A further window into the relationship-building strategy can be found in SPARC’s own reporting on achievements and partners. In its 2021 annual report, SPARC states that it advocated, “with the support of Campaign for Tobacco Free Kids (CTFK) in Islamabad and Karachi,” and it claims its efforts contributed to the federal government not decreasing cigarette taxes in the 2021–22 budget cycle. The same annual report describes an announcement by the Commissioner Karachi regarding plans to make Karachi smoke-free, and it attributes elements of district-level tobacco monitoring structures to SPARC and CTFK’s efforts.
It is worth noting that during 2021-22, the CTFK did not have the NOC and registration to operate in Pakistan from the Economic Affairs Division and the Ministry of Interior, Government of Pakistan.
Social media content reinforces that SPARC uses hotel-based convening as an ongoing tactic, not as an exception. Posts and promotions associated with SPARC channels have described dialogues on safeguarding youth from tobacco and nicotine products at the Marriott Hotel Karachi, bringing together experts, advocates, and youth participants. This is relevant because it demonstrates that hotel convening is not limited to the capital’s policy circles; it is also used for media-facing and stakeholder-facing activities in major provincial hubs.
An important point for any reader is that none of the above automatically implies impropriety. Civil society organizations routinely convene officials, and officials routinely attend. The accountability question is whether these “trainings” and “dialogues” produce transparent, measurable outputs, and whether the public can see what was agreed, what changed, and why. A critical commentary published on a Pakistani news site illustrates how these optics can become contested, alleging that SPARC shared photos of a policy dialogue but did not share the names and views of policymakers, while also raising questions about travel and hospitality associated with engagements outside Islamabad. Such commentary should be treated as commentary, not as proof, but it highlights why disclosure practices matter in a politically sensitive policy area like tobacco taxation.

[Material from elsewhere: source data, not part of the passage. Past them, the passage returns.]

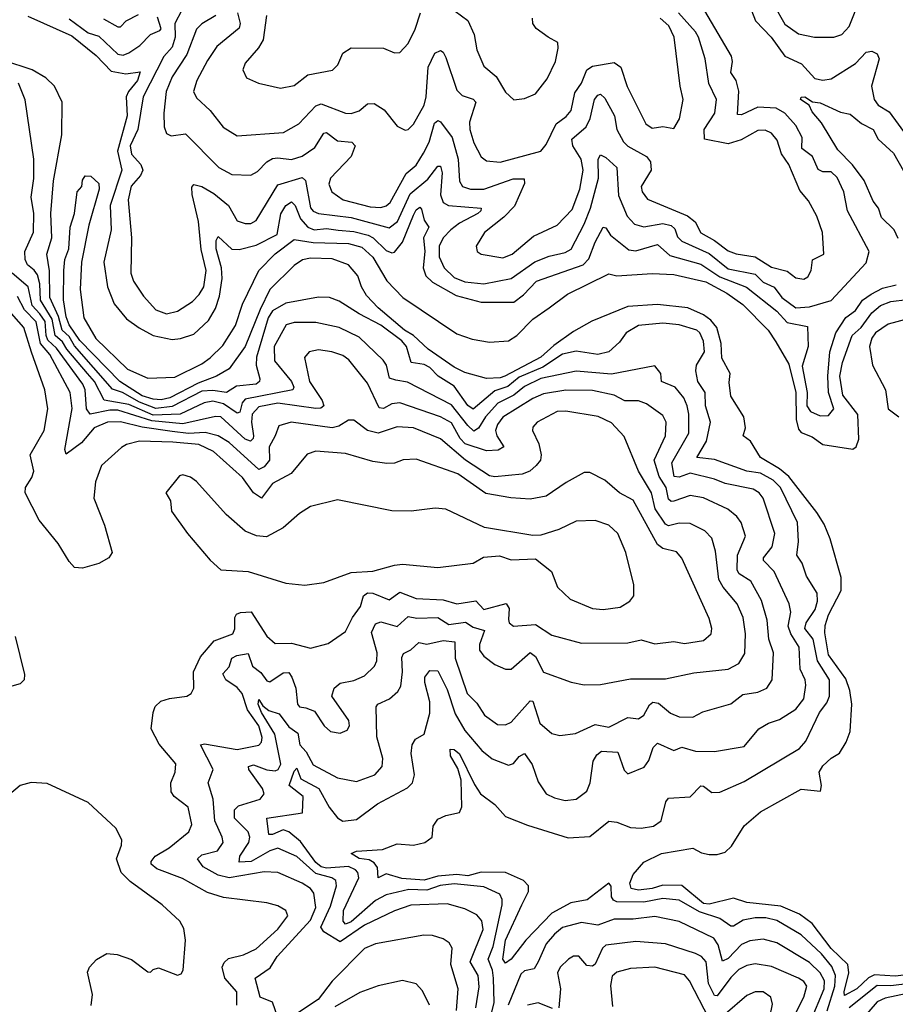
# Model space of a CAD drawing. Extents: x 1443846 to 1577407, y 839182 to 927291.
# Tile 293 of 535: x 1530483 to 1533712, y 864969 to 868600. Entities that reach past the tile are written whole.
import ezdxf

# ---------------------------------------------------------------- set-up
doc = ezdxf.new("R2010")
doc.units = 0

msp = doc.modelspace()

# ---------------------------------------------------------------- linework, layer by layer
at = {"layer": '0CON20XD'}
for points in [[(1531080.9, 868635), (1531055.2, 868585), (1531056.4, 868535), (1531045, 868497.8), (1531015, 868463.6), (1530938.2, 868315), (1530918.5, 868195), (1530890.7, 868135), (1530895, 868103.4), (1530930.3, 868065), (1530937.3, 868045), (1530928.3, 868025), (1530893.9, 867986.1), (1530882.6, 867935), (1530894.8, 867795), (1530892.6, 867665), (1530902.7, 867635), (1530939.6, 867579.6), (1530985, 867530), (1531025, 867515.4), (1531065, 867524.7), (1531119.7, 867560.3), (1531145, 867586.1), (1531161.9, 867615), (1531170.7, 867675), (1531152.4, 867752.4), (1531142.9, 867855), (1531118.8, 867955), (1531117.5, 867982.5), (1531125, 867992), (1531155, 867984.6), (1531198.6, 867958.6), (1531253.3, 867915), (1531285, 867857.5), (1531315, 867847.7), (1531335, 867848.5), (1531355, 867859.5), (1531435, 867990.8), (1531525, 868017.4), (1531537, 868007), (1531555, 867905.7), (1531565, 867893.6), (1531585.4, 867885.4), (1531705, 867869.6), (1531845, 867832.3), (1531876.1, 867855), (1531922.8, 867957.2), (1531988.7, 868011.3), (1532025, 868059.1), (1532035, 868059.4), (1532040.9, 868035), (1532035, 867953.3), (1532045, 867925.4), (1532064.2, 867914.2), (1532184.4, 867904.4), (1532183.8, 867895), (1532172.4, 867885), (1532105, 867849.4), (1532073.3, 867825), (1532044.3, 867795), (1532030.2, 867765), (1532030.4, 867725), (1532048.7, 867685), (1532085, 867649.1), (1532125, 867633.5), (1532195, 867626), (1532295, 867644.8), (1532383.1, 867706.9), (1532435, 867727.2), (1532495, 867741.1), (1532517, 867753), (1532565, 867845.4), (1532587.6, 867905), (1532617.2, 868015), (1532616.7, 868085), (1532625, 868101.5), (1532645, 868091.8), (1532685.4, 868055), (1532691.7, 867951.7), (1532722.6, 867875), (1532750, 867845), (1532785, 867835.7), (1532855, 867848.4), (1532885, 867841), (1532898.6, 867828.6), (1532909, 867799), (1532925, 867782.4), (1533025, 867737.2), (1533095, 867681.3), (1533195, 867661.2), (1533225, 867631.6), (1533265, 867613.4), (1533293.3, 867575), (1533345, 867536.5), (1533395, 867540.6), (1533475, 867564.2), (1533605, 867703.1), (1533615.4, 867745), (1533536.2, 867895), (1533522.2, 867965), (1533498.1, 868018.1), (1533475, 868039.1), (1533445, 868039.1), (1533427, 868047), (1533407, 868095), (1533367.5, 868125), (1533369, 868165), (1533345, 868209.7), (1533304.6, 868254.6), (1533273, 868273), (1533205, 868276.8), (1533145, 868248.4), (1533130.5, 868250.5), (1533135.5, 868335.5), (1533125.2, 868375.2), (1533106, 868405), (1533112, 868445), (1533107.3, 868465), (1532984.7, 868675)], [(1533158, 868695), (1533196.3, 868595), (1533254.3, 868535), (1533304.4, 868465), (1533366.5, 868436.5), (1533415, 868383.2), (1533445, 868377.2), (1533475, 868381.2), (1533565, 868438.5), (1533605, 868480), (1533625, 868483.6), (1533645, 868474.3), (1533652.1, 868455), (1533623.8, 868355), (1533634, 868305), (1533648.5, 868285), (1533689.6, 868259.6), (1533765, 868155.5)], [(1533263.8, 868655), (1533305, 868582.8), (1533355, 868547.6), (1533414.5, 868535.5), (1533485, 868535.3), (1533515, 868544.7), (1533542.1, 868575), (1533585, 868684.4)], [(1532065, 868648.2), (1532136.1, 868596.1), (1532159.1, 868545), (1532168.3, 868488.3), (1532195, 868428), (1532239.6, 868389.6), (1532275, 868332), (1532305, 868304), (1532345, 868308.6), (1532385, 868325.6), (1532428.3, 868381.7), (1532459.1, 868445), (1532468.8, 868495), (1532467.5, 868515), (1532431.2, 868535), (1532387.7, 868567.7), (1532375.4, 868585), (1532374.4, 868605)], [(1530512.8, 868612.8), (1530675, 868540.2), (1530765, 868467), (1530819.8, 868409.8), (1530875, 868400), (1530926.9, 868406.9), (1530918, 868375), (1530883.9, 868335), (1530875.2, 868315), (1530878.8, 868245), (1530844.2, 868115), (1530859.4, 868045), (1530817.1, 867915), (1530820.7, 867825), (1530793.3, 867705), (1530807.1, 867615), (1530831.5, 867551.5), (1530876.7, 867496.7), (1530923.6, 867463.6), (1530975, 867435.2), (1531045, 867420), (1531076.4, 867423.6), (1531125, 867440), (1531179.5, 867490.5), (1531205.7, 867534.3), (1531219.9, 867580.1), (1531229.1, 867645), (1531226.9, 867685), (1531207.1, 867755), (1531207.2, 867785), (1531215, 867800.5), (1531265, 867753.5), (1531292.6, 867752.6), (1531355, 867767.7), (1531432.6, 867807.4), (1531445.9, 867884.1), (1531465, 867914.8), (1531485, 867927.5), (1531498.8, 867915), (1531518.1, 867865), (1531545, 867834.2), (1531568.8, 867825), (1531615, 867829.9), (1531657.1, 867822.9), (1531715, 867818.5), (1531768.4, 867805), (1531787.1, 867795), (1531835, 867748.1), (1531855, 867739.5), (1531865, 867741.8), (1531895, 867779.1), (1531935, 867878.8), (1531945, 867898.8), (1531958, 867908), (1531965, 867901.2), (1531975, 867860.5), (1531991.2, 867835), (1531971.8, 867795), (1531977.3, 867745), (1531970.9, 867685), (1531980.9, 867655), (1532005, 867631.9), (1532092, 867582), (1532185, 867558), (1532305, 867557.3), (1532341, 867585), (1532388.5, 867635), (1532560.7, 867695), (1532581.8, 867718.2), (1532605, 867778.8), (1532635, 867834.2), (1532645, 867832), (1532661.1, 867805), (1532729.1, 867750.9), (1532755, 867747.5), (1532835, 867770.5), (1532880.3, 867730.3), (1532995, 867698.3), (1533065, 867651.6), (1533163.7, 867613.7), (1533275, 867524.1), (1533312.7, 867482.7), (1533388, 867468), (1533391.1, 867395), (1533368, 867322), (1533387.2, 867225), (1533385.3, 867175), (1533399.5, 867155), (1533435, 867139.1), (1533465, 867140.5), (1533484.6, 867165), (1533465.6, 867225), (1533463.5, 867285), (1533470.2, 867375), (1533492.4, 867445), (1533529.2, 867500.8), (1533565, 867527.1), (1533590.9, 867565), (1533622.7, 867587.3), (1533665, 867609.1), (1533715, 867622.3)], [(1530665, 868602.2), (1530735, 868551.5), (1530775, 868538.5), (1530845, 868472.3), (1530865, 868469.4), (1530885, 868477.2), (1530925.6, 868505), (1530965, 868545.5), (1531000, 868560), (1531004.6, 868565.4), (1530991.4, 868608.6)], [(1530792.7, 868602.7), (1530845, 868572.9), (1530855, 868573.1), (1530875.6, 868595), (1530920.9, 868619.1)], [(1531206.6, 868615), (1531155, 868584.7), (1531135, 868564.5), (1531098.9, 868471.1), (1531045, 868388.7), (1531023.4, 868335), (1531014, 868255), (1531016.2, 868205), (1531025, 868180), (1531041.1, 868171.1), (1531095, 868178.1), (1531216.9, 868055), (1531265, 868029.2), (1531335, 868026), (1531360.1, 868039.9), (1531394.8, 868075.2), (1531415, 868087.3), (1531435, 868090.4), (1531485, 868083.5), (1531525, 868096.5), (1531571.6, 868128.4), (1531605, 868180.9), (1531615, 868183.9), (1531655, 868152.7), (1531708, 868148), (1531720.4, 868135), (1531705.9, 868095), (1531628.7, 868015), (1531622.9, 867992.9), (1531634.5, 867965), (1531675.6, 867935.6), (1531775, 867909.4), (1531815, 867907.5), (1531835, 867912.9), (1531849, 867925), (1531907.8, 868032.2), (1531945, 868063.5), (1531972.7, 868107.3), (1531992.5, 868147.5), (1532012.5, 868217.5), (1532025, 868228.2), (1532035, 868223.1), (1532078.3, 868165), (1532099.8, 868085), (1532104.4, 868004.4), (1532116.5, 867985), (1532145, 867974.3), (1532195, 867974.1), (1532302.9, 868012.9), (1532342.7, 868012.7), (1532344.2, 867995), (1532308, 867912), (1532268.6, 867871.4), (1532196.9, 867815), (1532166.7, 867765), (1532170, 867745), (1532184.6, 867734.6), (1532265, 867721.2), (1532299.6, 867735), (1532378.3, 867801.7), (1532465, 867842.2), (1532520.5, 867899.5), (1532548.8, 867975), (1532560.8, 868045), (1532553, 868085), (1532522.7, 868135), (1532518.6, 868158.6), (1532572.5, 868205), (1532586.5, 868235), (1532602.9, 868305), (1532615, 868321.5), (1532625, 868324.4), (1532640.4, 868310.4), (1532676.7, 868245), (1532684.8, 868194.8), (1532709.3, 868149.3), (1532725, 868133.3), (1532794.5, 868094.5), (1532809.7, 868075), (1532811.6, 868045), (1532774.7, 867985), (1532778, 867965), (1532797.8, 867937.8), (1532946.2, 867876.2), (1532974.2, 867854.2), (1532995, 867814.2), (1533045, 867785.5), (1533095, 867746.8), (1533125, 867735.9), (1533195, 867724.5), (1533255, 867687.2), (1533312.7, 867672.7), (1533345, 867647.8), (1533375, 867643.3), (1533389.2, 867650.8), (1533401.3, 867675), (1533406.5, 867713.5), (1533448.9, 867735), (1533443.2, 867815), (1533422.2, 867875), (1533391.7, 867931.7), (1533360.1, 867970.1), (1533318.8, 868065), (1533292.4, 868105), (1533275.9, 868155.9), (1533255, 868181.1), (1533231.7, 868191.7), (1533205, 868191.2), (1533144, 868156), (1533095, 868141.3), (1533008.4, 868158.4), (1533007.4, 868195), (1533046.2, 868255), (1533052.1, 868305), (1533024.8, 868364.8), (1533011, 868455), (1532985.7, 868535), (1532975, 868555.3), (1532913, 868625)], [(1531286, 868625), (1531296, 868585), (1531292, 868568), (1531209.6, 868500.4), (1531175, 868449.6), (1531135.9, 868375), (1531124.6, 868335), (1531135, 868311.9), (1531185, 868264.5), (1531233, 868203), (1531285, 868170.8), (1531456.2, 868183.8), (1531512.5, 868215), (1531575, 868281.4), (1531595, 868289.8), (1531684.7, 868254.8), (1531705, 868253.3), (1531735, 868263.9), (1531765, 868289.2), (1531790.6, 868290.6), (1531827.4, 868267.4), (1531875, 868206.9), (1531905, 868192.2), (1531915.3, 868194.7), (1531935, 868214.5), (1531974.3, 868285), (1531981.9, 868315), (1531989.7, 868425), (1532014.3, 868475.7), (1532035, 868485.6), (1532045, 868480), (1532055, 868460.8), (1532095, 868339.6), (1532115, 868319.7), (1532155, 868306.3), (1532164.7, 868295), (1532141.7, 868221.7), (1532142.4, 868195), (1532157.8, 868145), (1532184.3, 868094.3), (1532205, 868078.8), (1532255, 868073.8), (1532404.7, 868115.3), (1532425, 868139.4), (1532461.1, 868215), (1532497.9, 868242.1), (1532516.1, 868265), (1532530.7, 868329.3), (1532554.8, 868365), (1532574.7, 868415), (1532595, 868428.1), (1532675, 868441.7), (1532700.2, 868425), (1532723.5, 868353.5), (1532792.2, 868215), (1532815, 868200), (1532855, 868205.5), (1532895, 868197.8), (1532915.8, 868234.2), (1532930, 868305), (1532918.4, 868355), (1532896.3, 868535), (1532876.4, 868576.4), (1532845, 868604.8)], [(1531393.5, 868615), (1531380.4, 868525), (1531363.8, 868496.2), (1531315, 868439.2), (1531305.8, 868415), (1531320, 868385), (1531363.3, 868365), (1531445, 868347.3), (1531495, 868357.1), (1531545, 868396.7), (1531636.7, 868413.3), (1531656.6, 868433.4), (1531675, 868475.6), (1531705, 868495.4), (1531824.6, 868494.6), (1531865, 868477.8), (1531885, 868479.2), (1531915, 868512), (1531941.4, 868565), (1531961.1, 868625)], [(1533460.3, 864945), (1533488.9, 865035), (1533491.3, 865075), (1533478.4, 865108.4), (1533439.4, 865155), (1533365.3, 865225), (1533275, 865277.9), (1533235, 865287), (1533195, 865287.4), (1533151.2, 865278.8), (1533115, 865256.8), (1533105, 865257.3), (1533065, 865285.2), (1532989.4, 865309.4), (1532915, 865352.2), (1532855, 865359.1), (1532785, 865345.8), (1532685, 865346.9), (1532672.6, 865352.6), (1532665.2, 865365), (1532664.6, 865404.6), (1532655, 865415.5), (1532575.9, 865354.1), (1532515, 865343), (1532445, 865304.3), (1532349.5, 865205), (1532295, 865135.2), (1532275, 865119.7), (1532264.9, 865135), (1532274.9, 865205.1), (1532334.8, 865335), (1532359.3, 865385), (1532359.7, 865405), (1532341.1, 865425), (1532274, 865454), (1532185, 865456.2), (1532135, 865442), (1532095, 865446.8), (1532025, 865440.9), (1531975, 865426.5), (1531892.4, 865432.4), (1531835, 865449.5), (1531805, 865434.7), (1531803, 865473), (1531789.8, 865489.8), (1531771.7, 865501.7), (1531735, 865506.5), (1531705.8, 865525), (1531725, 865533.2), (1531820.5, 865539.5), (1531875, 865560), (1531935, 865555.5), (1531976.7, 865565), (1532004, 865585), (1532007.5, 865625), (1532025, 865650.8), (1532054.6, 865665.4), (1532105, 865675.8), (1532113.4, 865696.6), (1532110.8, 865795), (1532098.2, 865838.2), (1532071.4, 865885), (1532070.9, 865909.1), (1532085, 865908.7), (1532105, 865892.3), (1532159.6, 865779.6), (1532181.8, 865745), (1532235.7, 865705), (1532275, 865661.1), (1532355, 865628.6), (1532505, 865582.9), (1532585, 865587.1), (1532655, 865644.5), (1532685, 865640), (1532735, 865621.1), (1532775, 865618.5), (1532820, 865625), (1532848.8, 865645), (1532866, 865715), (1532875, 865729.2), (1532955, 865733.4), (1532995, 865774.4), (1533005, 865773.3), (1533035, 865750), (1533065, 865750.8), (1533155, 865790.8), (1533358.3, 865911.7), (1533381.5, 865938.5), (1533432.4, 866045), (1533459.7, 866080.3), (1533469.2, 866105), (1533469.5, 866165), (1533424.9, 866234.9), (1533408.7, 866315), (1533377.7, 866355), (1533383.4, 866375), (1533416.4, 866425), (1533424.8, 866455), (1533424.2, 866484.2), (1533385, 866546.9), (1533368.2, 866595), (1533348.6, 866625), (1533355.2, 866674.8), (1533351.7, 866745), (1533288, 866875), (1533262, 866902), (1533215, 866927.4), (1533164.5, 866935), (1533045, 866978.1), (1532980, 866985), (1533016.1, 867045), (1533030, 867115), (1533012.2, 867175), (1533010.8, 867225), (1532984.1, 867265), (1532976.3, 867305), (1532979.2, 867325), (1533008.8, 867375), (1533004, 867414), (1532990.7, 867445), (1532979.7, 867455), (1532915, 867474.8), (1532855, 867480.4), (1532765, 867471.9), (1532720, 867445), (1532695, 867410.9), (1532655.2, 867374.8), (1532615, 867364.8), (1532535, 867376.8), (1532485, 867366), (1532411.6, 867318.4), (1532325, 867281.8), (1532282.5, 867247.5), (1532235, 867231.5), (1532155, 867163.3), (1532135, 867176.3), (1532085, 867248.5), (1532026.7, 867285), (1531995, 867316.8), (1531975, 867327.7), (1531926.2, 867335), (1531909.6, 867395), (1531892.6, 867415), (1531815, 867472.7), (1531734.3, 867514.3), (1531661.2, 867561.2), (1531625, 867575.3), (1531585, 867576.2), (1531465, 867554.5), (1531415, 867525.8), (1531399.5, 867500.5), (1531356, 867355), (1531354.5, 867325), (1531368.9, 867275), (1531367.1, 867265), (1531354.5, 867255), (1531282, 867248), (1531245.5, 867224.5), (1531195, 867232.1), (1531155, 867229.1), (1531045, 867173.4), (1530985, 867165.9), (1530925, 867189.6), (1530862.5, 867225), (1530825, 867237.4), (1530685, 867397.2), (1530665, 867431.8), (1530639.2, 867455), (1530625.6, 867505.6), (1530594.5, 867575), (1530593.2, 867673.2), (1530582.7, 867735), (1530602.2, 867795), (1530598, 867885), (1530607.8, 868005), (1530638.5, 868175), (1530640, 868295), (1530611.3, 868355), (1530579.1, 868385), (1530529.3, 868415), (1530425, 868449.4)], [(1531995, 866042.5), (1531995.8, 866084.2), (1531976.7, 866155), (1531976.7, 866175), (1531995, 866199.2), (1532025, 866197.8), (1532059.5, 866129.5), (1532089.2, 866039.2), (1532125, 865978), (1532186.7, 865905), (1532225, 865874), (1532285, 865850.9), (1532303.9, 865856.1), (1532325, 865882.5), (1532345, 865892.9), (1532373.3, 865853.3), (1532395, 865789.2), (1532424.3, 865745), (1532455, 865729.4), (1532495, 865720), (1532535, 865725.5), (1532574.1, 865755), (1532586.2, 865785), (1532598, 865865), (1532611.3, 865888.7), (1532627.9, 865902.1), (1532688.5, 865898.5), (1532712.6, 865832.6), (1532725, 865818), (1532786.4, 865843.6), (1532802.6, 865867.4), (1532818.4, 865915), (1532835, 865931.5), (1532895, 865904.4), (1532925, 865916.6), (1532975, 865901.7), (1533045, 865900.4), (1533155, 865919.6), (1533208.1, 865985), (1533244.2, 866005.8), (1533285, 866018.7), (1533345, 866057.5), (1533374.1, 866095), (1533382.4, 866145), (1533380, 866165), (1533360.7, 866205), (1533357.4, 866285), (1533326.2, 866335), (1533316.7, 866363.3), (1533326.2, 866415), (1533320, 866445), (1533264.7, 866565), (1533225.3, 866605), (1533225.3, 866615), (1533257.8, 866655), (1533267.1, 866705), (1533224.3, 866835), (1533209.7, 866855), (1533187.8, 866867.8), (1533085, 866889), (1533045, 866905.2), (1532955, 866927.1), (1532915, 866913.1), (1532896.4, 866915), (1532887.8, 866965), (1532950, 867075), (1532950.3, 867145), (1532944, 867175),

From a governance perspective, the practical standard should be simple and consistent. Venue, attendance, and agenda transparency should be routine, especially when events involve public servants and when the advocacy goal is to shape fiscal policy. Outcomes should also be traceable. If a policy dialogue is about tobacco taxation, it should publish a short outcome note that includes which options were presented, which were rejected, and what follow-up is expected from each agency. If the activity is framed as training, it should identify learning objectives, modules, and whether any institutional changes followed.
A balanced assessment of SPARC’s public footprint, therefore, leads to two simultaneous conclusions.
The first conclusion is that SPARC is a structured and persistent anti-tobacco advocate that uses research products, media briefings, and policy dialogues to press for higher tobacco taxation and stronger tobacco control measures, often framed in terms of youth protection.
The second conclusion is that its interaction model with the state frequently occurs through curated forums hosted in high-end hotel settings, with repeated participation by senior officials or officials with tobacco-control responsibilities, which can raise legitimate public questions about transparency, costs, and influence pathways, even when the underlying engagement is lawful and standard.